Date: 10/17/2003 at 09:46:52
From: Doctor Anthony
Subject: Re: Imaginary/Complex numbers

Hello, Vitor. 

Consider factors of x^(2n) - 2x^n*cos(na) + 1 = 0  which is a 
quadratic in x^n with roots cos(na) +/- i*sin(na).

The 2n values of x are  

  x = cos(a+2k*pi/n) +/- i*sin(a+2k*pi/n)

with k ranging from 0 to n-1.

With the product of the factors with the particular value k=r we get 

  x - [cos(a+2r*pi/n) + i*sin(a+2r*pi/n)]  times

  x - [cos(a+2r*pi/n) - i*sin(a+2r*pi/n)]  which leads to

  x^2 - 2x*cos(a+2r*pi/n) + 1

It follows that 

  x^(2n) - 2x^n*cos(na) + 1 

            = Product(k=0 to n-1)[x^2 - 2x*cos(a+2k*pi/n) + 1]

and putting x=1, a = 2b in this we get
 
  sin(nb) = 2^(n-1) * Product(0 to n-1)[sin(b+k*pi/n]

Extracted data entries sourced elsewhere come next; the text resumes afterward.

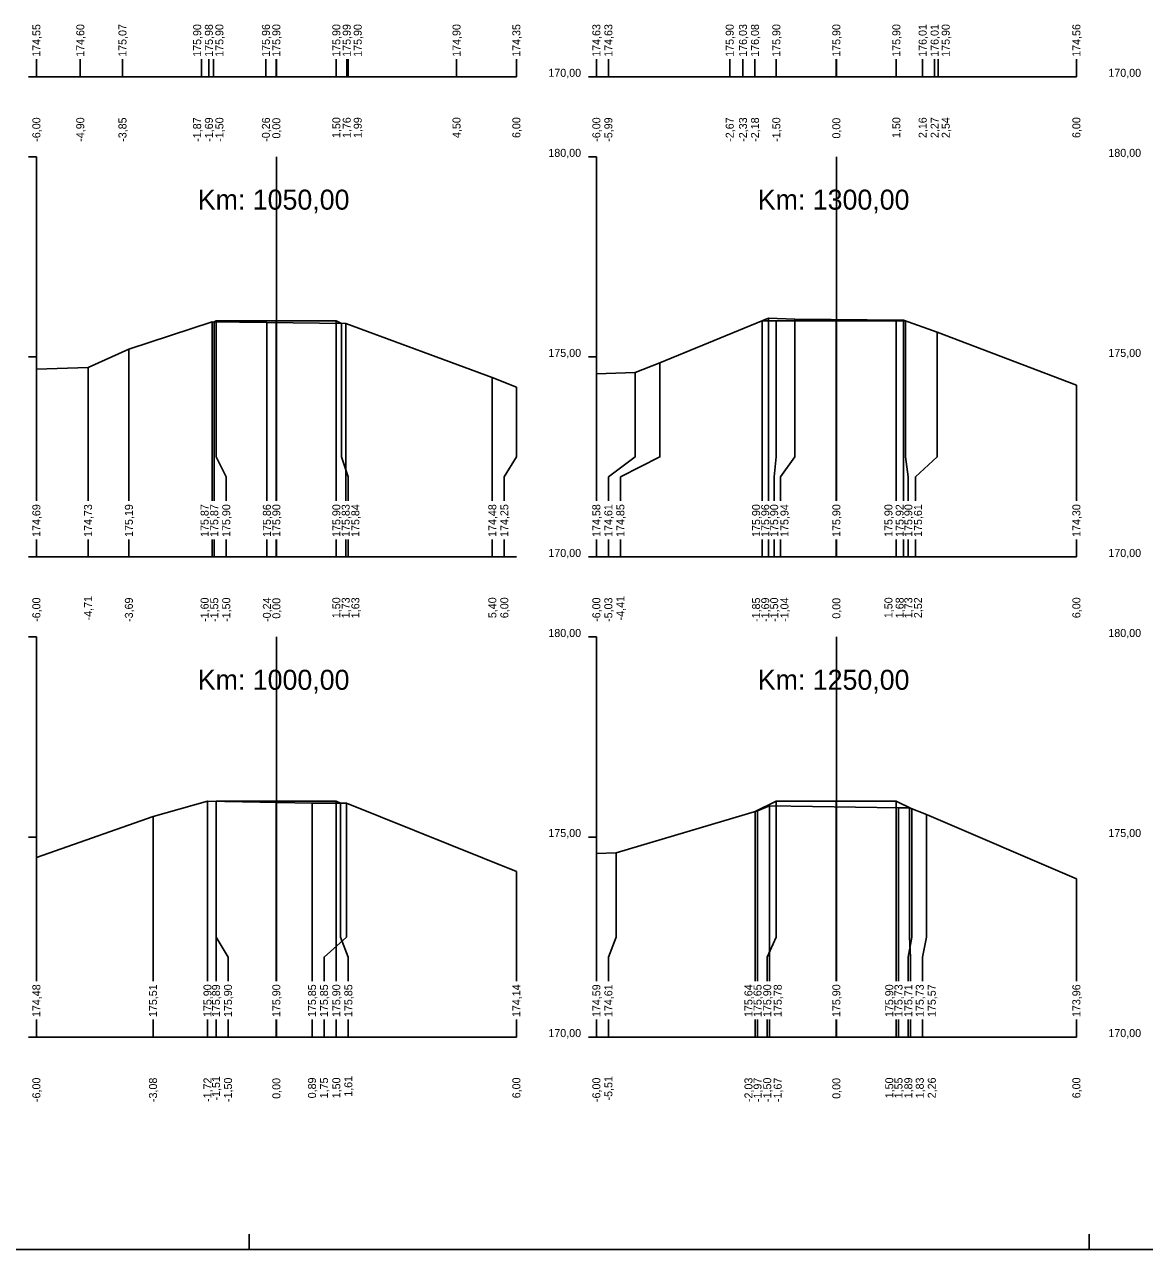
# Model space of a CAD drawing. Extents: x -614174 to -599765, y -1185887 to -1181080.
# Drawn here: x -612634.33 to -612606.33, y -1184252.54 to -1184221.93 of the extents above; entities that cross this region are included whole.
import ezdxf

# ---------------------------------------------------------------- set-up
doc = ezdxf.new("R2010")
doc.units = 0
for name, color, linetype in [('11', 7, 'Continuous'), ('16', 7, 'Continuous'), ('21', 7, 'Continuous'), ('28', 7, 'Continuous'), ('59', 7, 'Continuous'), ('8', 7, 'Continuous'), ('návrh', 7, 'Continuous')]:
    doc.layers.add(name, color=color, linetype=linetype)

msp = doc.modelspace()

# ---------------------------------------------------------------- linework, layer by layer
for points in [[(-612620.029, -1184230.656), (-612619.063, -1184230.621), (-612618.439, -1184230.382), (-612615.724, -1184229.269), (-612615.066, -1184229.29), (-612612.354, -1184229.316), (-612611.505, -1184229.619), (-612608.029, -1184230.938)], [(-612634.029, -1184230.539), (-612632.737, -1184230.499), (-612631.716, -1184230.04), (-612629.633, -1184229.36), (-612628.266, -1184229.375), (-612626.296, -1184229.399), (-612622.63, -1184230.749), (-612622.029, -1184230.988)], [(-612629.582, -1184229.361), (-612629.53, -1184229.335), (-612628.03, -1184229.335), (-612626.53, -1184229.335), (-612626.404, -1184229.398)], [(-612629.582, -1184229.361), (-612629.582, -1184229.361)], [(-612629.53, -1184229.335), (-612629.53, -1184229.335)], [(-612628.03, -1184229.335), (-612628.03, -1184229.335)], [(-612626.53, -1184229.335), (-612626.53, -1184229.335)], [(-612615.884, -1184229.335), (-612615.53, -1184229.335), (-612614.03, -1184229.335), (-612612.53, -1184229.335), (-612612.301, -1184229.335)], [(-612615.53, -1184229.335), (-612615.53, -1184229.335)], [(-612614.03, -1184229.335), (-612614.03, -1184229.335)], [(-612612.53, -1184229.335), (-612612.53, -1184229.335)], [(-612634.029, -1184242.749), (-612631.113, -1184241.724), (-612629.751, -1184241.334), (-612627.138, -1184241.388), (-612626.277, -1184241.388), (-612622.029, -1184243.095)], [(-612629.538, -1184241.339), (-612629.53, -1184241.335), (-612628.03, -1184241.335), (-612626.53, -1184241.335), (-612626.423, -1184241.388)], [(-612629.538, -1184241.339), (-612629.538, -1184241.339)], [(-612629.53, -1184241.335), (-612629.53, -1184241.335)], [(-612628.03, -1184241.335), (-612628.03, -1184241.335)], [(-612626.53, -1184241.335), (-612626.53, -1184241.335)], [(-612620.029, -1184242.645), (-612619.535, -1184242.626), (-612616, -1184241.582), (-612615.7, -1184241.458), (-612612.476, -1184241.505), (-612612.197, -1184241.508), (-612611.774, -1184241.668), (-612608.029, -1184243.276)], [(-612616.057, -1184241.598), (-612615.53, -1184241.335), (-612614.03, -1184241.335), (-612612.53, -1184241.335), (-612612.142, -1184241.529)], [(-612615.53, -1184241.335), (-612615.53, -1184241.335)], [(-612614.03, -1184241.335), (-612614.03, -1184241.335)], [(-612612.53, -1184241.335), (-612612.53, -1184241.335)], [(-612616.057, -1184241.598), (-612616.057, -1184241.598), (-612616.057, -1184241.598)]]:
    msp.add_lwpolyline(points)
at = {"layer": '11'}
for points in [[(-612634.029, -1184222.794), (-612634.029, -1184223.234)], [(-612632.931, -1184222.794), (-612632.931, -1184223.234)], [(-612631.876, -1184222.794), (-612631.876, -1184223.234)], [(-612629.899, -1184222.794), (-612629.899, -1184223.234)], [(-612629.716, -1184222.794), (-612629.716, -1184223.234)], [(-612629.599, -1184222.794), (-612629.599, -1184223.234)], [(-612628.29, -1184222.794), (-612628.29, -1184223.234)], [(-612628.03, -1184222.794), (-612628.03, -1184223.234)], [(-612626.53, -1184222.794), (-612626.53, -1184223.234)], [(-612626.27, -1184222.794), (-612626.27, -1184223.234)], [(-612626.23, -1184222.794), (-612626.23, -1184223.234)], [(-612623.525, -1184222.794), (-612623.525, -1184223.234)], [(-612622.029, -1184222.794), (-612622.029, -1184223.234)], [(-612620.029, -1184222.794), (-612620.029, -1184223.234)], [(-612619.729, -1184222.794), (-612619.729, -1184223.234)], [(-612616.695, -1184222.794), (-612616.695, -1184223.234)], [(-612616.364, -1184222.794), (-612616.364, -1184223.234)], [(-612616.064, -1184222.794), (-612616.064, -1184223.234)], [(-612615.53, -1184222.794), (-612615.53, -1184223.234)], [(-612614.03, -1184222.794), (-612614.03, -1184223.234)], [(-612612.53, -1184222.794), (-612612.53, -1184223.234)], [(-612611.872, -1184222.794), (-612611.872, -1184223.234)], [(-612611.572, -1184222.794), (-612611.572, -1184223.234)], [(-612611.488, -1184222.794), (-612611.488, -1184223.234)], [(-612608.029, -1184222.794), (-612608.029, -1184223.234)], [(-612615.724, -1184229.269), (-612615.724, -1184232.734), (-612615.724, -1184233.234), (-612615.724, -1184233.835)], [(-612615.066, -1184229.29), (-612615.066, -1184232.734), (-612615.424, -1184233.234), (-612615.424, -1184233.835)], [(-612612.354, -1184229.316), (-612612.354, -1184232.734), (-612612.354, -1184233.234), (-612612.354, -1184233.835)], [(-612629.633, -1184229.36), (-612629.633, -1184232.734), (-612629.633, -1184233.234), (-612629.633, -1184233.835)], [(-612629.582, -1184229.361), (-612629.582, -1184232.734), (-612629.582, -1184233.234), (-612629.582, -1184233.835)], [(-612629.53, -1184229.335), (-612629.53, -1184232.734), (-612629.282, -1184233.234), (-612629.282, -1184233.835)], [(-612628.266, -1184229.375), (-612628.266, -1184232.734), (-612628.266, -1184233.234), (-612628.266, -1184233.835)], [(-612628.03, -1184229.335), (-612628.03, -1184232.734), (-612628.03, -1184233.234), (-612628.03, -1184233.835)], [(-612626.53, -1184229.335), (-612626.53, -1184232.734), (-612626.53, -1184233.234), (-612626.53, -1184233.835)], [(-612626.404, -1184229.398), (-612626.404, -1184232.734), (-612626.23, -1184233.234), (-612626.23, -1184233.835)], [(-612626.296, -1184229.399), (-612626.296, -1184232.734), (-612626.296, -1184233.234), (-612626.296, -1184233.835)], [(-612615.884, -1184229.335), (-612615.884, -1184232.734), (-612615.884, -1184233.234), (-612615.884, -1184233.835)], [(-612615.53, -1184229.335), (-612615.53, -1184232.734), (-612615.584, -1184233.234), (-612615.584, -1184233.835)], [(-612614.03, -1184229.335), (-612614.03, -1184232.734), (-612614.03, -1184233.234), (-612614.03, -1184233.835)], [(-612612.53, -1184229.335), (-612612.53, -1184232.734), (-612612.53, -1184233.234), (-612612.53, -1184233.835)], [(-612612.301, -1184229.335), (-612612.301, -1184232.734), (-612612.23, -1184233.234), (-612612.23, -1184233.835)], [(-612611.505, -1184229.619), (-612611.505, -1184232.734), (-612612.054, -1184233.234), (-612612.054, -1184233.835)], [(-612631.716, -1184230.04), (-612631.716, -1184232.734), (-612631.716, -1184233.234), (-612631.716, -1184233.835)], [(-612634.029, -1184230.539), (-612634.029, -1184232.734), (-612634.029, -1184233.234), (-612634.029, -1184233.835)], [(-612632.737, -1184230.499), (-612632.737, -1184232.734), (-612632.737, -1184233.234), (-612632.737, -1184233.835)], [(-612618.439, -1184230.382), (-612618.439, -1184232.734), (-612619.429, -1184233.234), (-612619.429, -1184233.835)], [(-612622.63, -1184230.749), (-612622.63, -1184232.734), (-612622.63, -1184233.234), (-612622.63, -1184233.835)], [(-612620.029, -1184230.656), (-612620.029, -1184232.734), (-612620.029, -1184233.234), (-612620.029, -1184233.835)], [(-612619.063, -1184230.621), (-612619.063, -1184232.734), (-612619.729, -1184233.234), (-612619.729, -1184233.835)], [(-612622.029, -1184230.988), (-612622.029, -1184232.734), (-612622.33, -1184233.234), (-612622.33, -1184233.835)], [(-612608.029, -1184230.938), (-612608.029, -1184232.734), (-612608.029, -1184233.234), (-612608.029, -1184233.835)], [(-612634.029, -1184234.794), (-612634.029, -1184235.234)], [(-612632.737, -1184234.794), (-612632.737, -1184235.234)], [(-612631.716, -1184234.794), (-612631.716, -1184235.234)], [(-612629.633, -1184234.794), (-612629.633, -1184235.234)], [(-612629.582, -1184234.794), (-612629.582, -1184235.234)], [(-612629.282, -1184234.794), (-612629.282, -1184235.234)], [(-612628.266, -1184234.794), (-612628.266, -1184235.234)], [(-612628.03, -1184234.794), (-612628.03, -1184235.234)], [(-612626.53, -1184234.794), (-612626.53, -1184235.234)], [(-612626.296, -1184234.794), (-612626.296, -1184235.234)], [(-612626.23, -1184234.794), (-612626.23, -1184235.234)], [(-612622.63, -1184234.794), (-612622.63, -1184235.234)], [(-612622.33, -1184234.794), (-612622.33, -1184235.234)], [(-612620.029, -1184234.794), (-612620.029, -1184235.234)], [(-612619.729, -1184234.794), (-612619.729, -1184235.234)], [(-612619.429, -1184234.794), (-612619.429, -1184235.234)], [(-612615.884, -1184234.794), (-612615.884, -1184235.234)], [(-612615.724, -1184234.794), (-612615.724, -1184235.234)], [(-612615.584, -1184234.794), (-612615.584, -1184235.234)], [(-612615.424, -1184234.794), (-612615.424, -1184235.234)], [(-612614.03, -1184234.794), (-612614.03, -1184235.234)], [(-612612.53, -1184234.794), (-612612.53, -1184235.234)], [(-612612.354, -1184234.794), (-612612.354, -1184235.234)], [(-612612.23, -1184234.794), (-612612.23, -1184235.234)], [(-612612.054, -1184234.794), (-612612.054, -1184235.234)], [(-612608.029, -1184234.794), (-612608.029, -1184235.234)], [(-612629.751, -1184241.334), (-612629.751, -1184244.734), (-612629.751, -1184245.234), (-612629.751, -1184245.835)], [(-612629.538, -1184241.339), (-612629.538, -1184244.734), (-612629.538, -1184245.234), (-612629.538, -1184245.835)], [(-612629.53, -1184241.335), (-612629.53, -1184244.734), (-612629.238, -1184245.234), (-612629.238, -1184245.835)], [(-612628.03, -1184241.335), (-612628.03, -1184244.734), (-612628.03, -1184245.234), (-612628.03, -1184245.835)], [(-612627.138, -1184241.388), (-612627.138, -1184244.734), (-612627.138, -1184245.234), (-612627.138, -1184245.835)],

              [This is a standard formula that can be used 
              in many such problems.]

  sin(nb) =   2^(n-1)
            * sin(b)
            * sin(b+pi/n)
            * sin(b+2pi/n) 
            * ... 
            * sin(b+(n-1)pi/n)


  sin(nb)
  ------- =   2^(n-1)
  sin(b)    * sin(b+pi/n)
            * sin(b+2pi/n)
            * ...
            * sin(b+(n-1)pi/n)
  
As b->0 we obtain

  sin(nb)
  ------- =   2^(n-1)
  sin(b)    * sin(pi/n)
            * sin(2pi/n)
            * ...
            * sin((n-1)pi/n)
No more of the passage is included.